How exactly a demand-responsive service should be translated to these GTFS-Flex files and fields is not always immediately clear. This is in part because the approach taken to convey information on demand-responsive services greatly varies among agencies. For example, one agency may use the term “Dial-a-Ride” and “On-Demand” interchangeably while another may view these as distinct services operating in very different ways. The lack of standardization around designing and defining demand-responsive transportation services, as well as publishing information about them, makes it essential to have close coordination between technicians building GTFS-Flex data and agency representatives who are knowledgeable about their demand-responsive programs. This is also discussed later in the “What is the technical process of a GTFS-Flex implementation?” section.

Below is a simple example of how GTFS-Flex incorporates loose service information once that ambiguity is resolved. In this case, High Valley Transit’s website includes a section describing how their demand response transportation service operates, from which specific pieces of information are pulled into sections of a GTFS-Flex dataset.

Distribution of a hypothetical agency’s service information within GTFS-Flex



8. How did GTFS-Flex come about?

The extension’s initial proposal was written in 2013 by Google software developer Brian Ferris to improve the modeling of flexible transit systems within the GTFS ecosystem. Collaborators such as Sean Barbeau from the University of Southern Florida, Ross Peterson of CR Peterson Consulting, and Aaron Antrim of Trillium later helped build upon Ferris’s initial proposal. The following developments have served as significant steps in GTFS-Flex’s evolution from a proposal on paper into the operational technology it is today.

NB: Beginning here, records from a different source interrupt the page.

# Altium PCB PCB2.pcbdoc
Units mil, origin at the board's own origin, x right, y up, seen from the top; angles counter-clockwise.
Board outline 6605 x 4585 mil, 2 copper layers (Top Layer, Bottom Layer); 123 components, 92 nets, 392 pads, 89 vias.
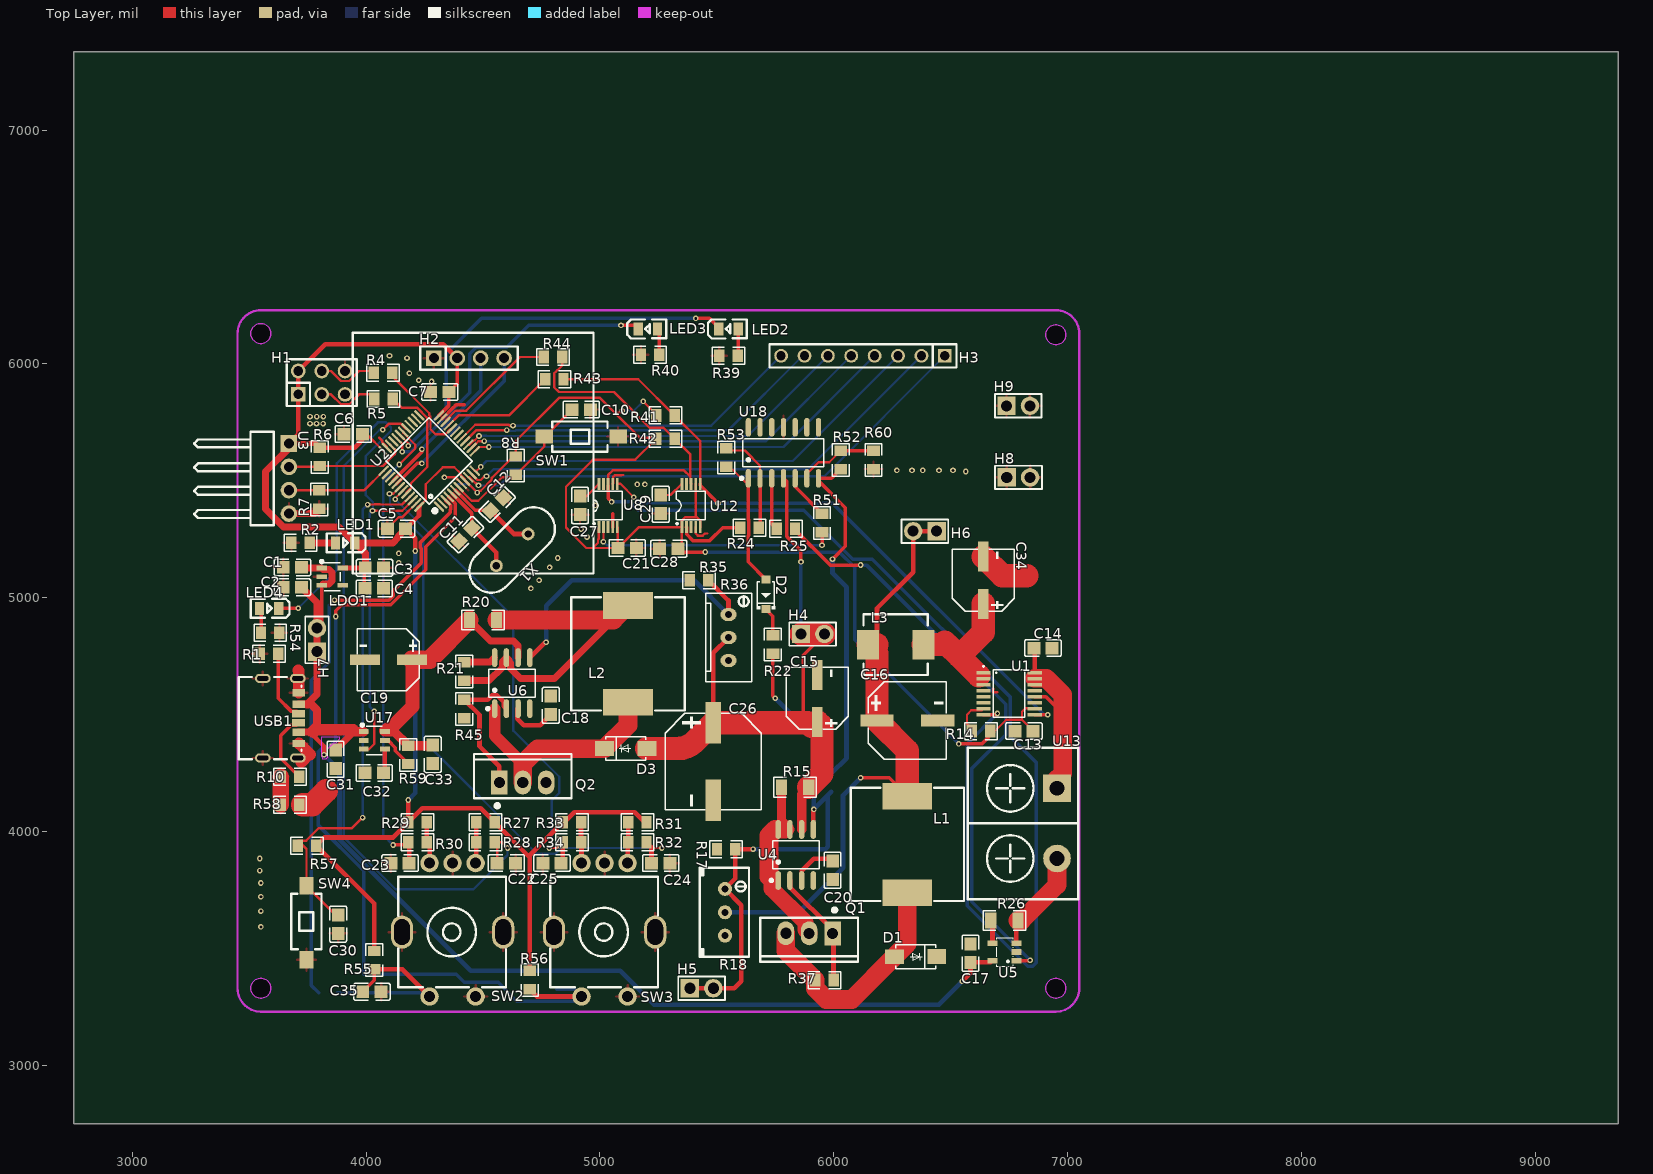
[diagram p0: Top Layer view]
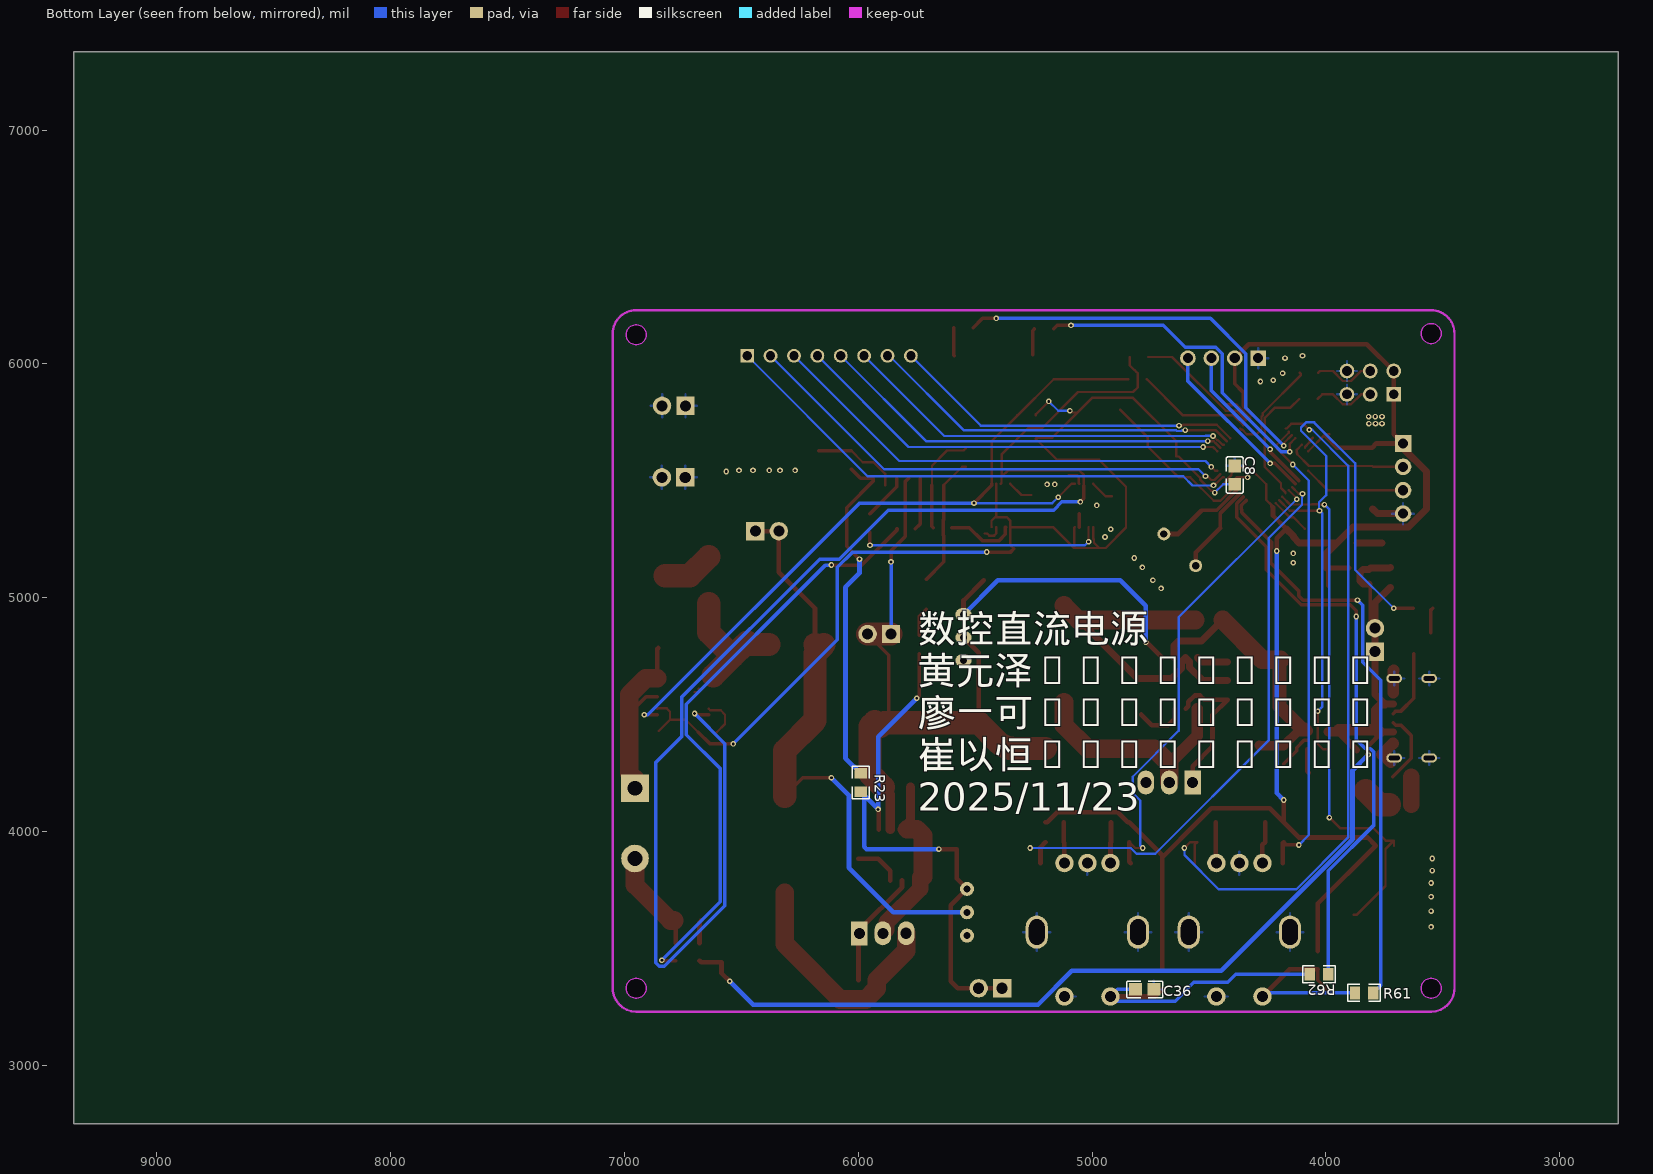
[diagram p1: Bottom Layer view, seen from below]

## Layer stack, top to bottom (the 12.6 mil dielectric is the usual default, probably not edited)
Top Layer: signal copper (thickness not stored)
Dielectric: dielectric 12.6, FR-4, Dk 4.8
Bottom Layer: signal copper (thickness not stored)

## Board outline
9355,2750 2750,2750 2750,7335 9355,7335
cut-out: 3593,6130 cw(c3550,6130) 3507,6130 cw(c3550,6130)
cut-out: 6993,6125 cw(c6950,6125) 6907,6125 cw(c6950,6125)
cut-out: 6993,3330 cw(c6950,3330) 6907,3330 cw(c6950,3330)
cut-out: 3593,3330 cw(c3550,3330) 3507,3330 cw(c3550,3330)

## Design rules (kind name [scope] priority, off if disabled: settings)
BoardOutlineClearance copperThickness1oz [All] p0: genericclearance=10 ignorepadtopadclearanceinfootprint=FALSE except(0: Arc-SplitContinuation Track-SplitContinuation SMDPad-SplitContinuation THPad-SplitContinuation Via-SplitContinuation Fill-SplitContinuation Poly-SplitContinuation Region-SplitContinuation Text-SplitContinuation; 6: Track-CutoutEdge SMDPad-CutoutEdge THPad-CutoutEdge Via-CutoutEdge Region-CutoutEdge; 11.8: Track-OutlineEdge SMDPad-OutlineEdge THPad-OutlineEdge Via-OutlineEdge Fill-OutlineEdge Region-OutlineEdge Poly-OutlineEdge Text-OutlineEdge Fill-CutoutEdge)
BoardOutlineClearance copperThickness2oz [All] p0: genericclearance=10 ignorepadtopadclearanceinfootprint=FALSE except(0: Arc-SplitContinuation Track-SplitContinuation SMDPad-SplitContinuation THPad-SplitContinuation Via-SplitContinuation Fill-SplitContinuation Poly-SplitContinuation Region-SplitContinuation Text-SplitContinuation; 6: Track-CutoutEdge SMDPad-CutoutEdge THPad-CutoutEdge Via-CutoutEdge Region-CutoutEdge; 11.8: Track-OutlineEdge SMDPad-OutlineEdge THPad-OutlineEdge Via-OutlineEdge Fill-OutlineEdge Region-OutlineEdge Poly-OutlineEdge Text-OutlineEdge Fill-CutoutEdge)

Mobility on Demand (MOD) Sandbox Project
The first major step in GTFS-Flex’s development came in 2017 with the beginning of the MOD Sandbox Project, funded by the Federal Transit Administration (FTA). This project resulted in the development of the first large scale GTFS-Flex v1 trip planning tool—using the OpenTripPlanner (OTP) web application—for all agencies in the state of Vermont. This required upgrading OTP to read Flex data and include trip results for services like dial-a-ride, route deviations, and continuous stops (then part of the Flex extension). Trillium and Cambridge Systematics released the code developed for Vermont Agency of Transportation as open-source, integrated it into OpenTripPlanner v1.4, and have commercialized it along with Kyyti and Interline—other independent companies.[2]

MobilityData stewardship
While the MOD Sandbox Project established GTFS-Flex v1 as a stable, operable data specification, stakeholders recognized the importance of the extension’s continued improvement. In 2018, MobilityData, a nonprofit that facilitates development and stakeholder engagement on several mobility data standards, assumed a leadership role for GTFS-Flex and began development of GTFS-Flex “v2,” which was released in 2018. Further enhancements led to the 2020 release of the current adoption candidate, which also saw limited refinements to its architecture in subsequent years. More detail on recent work in the spec’s evolution is provided in the next section.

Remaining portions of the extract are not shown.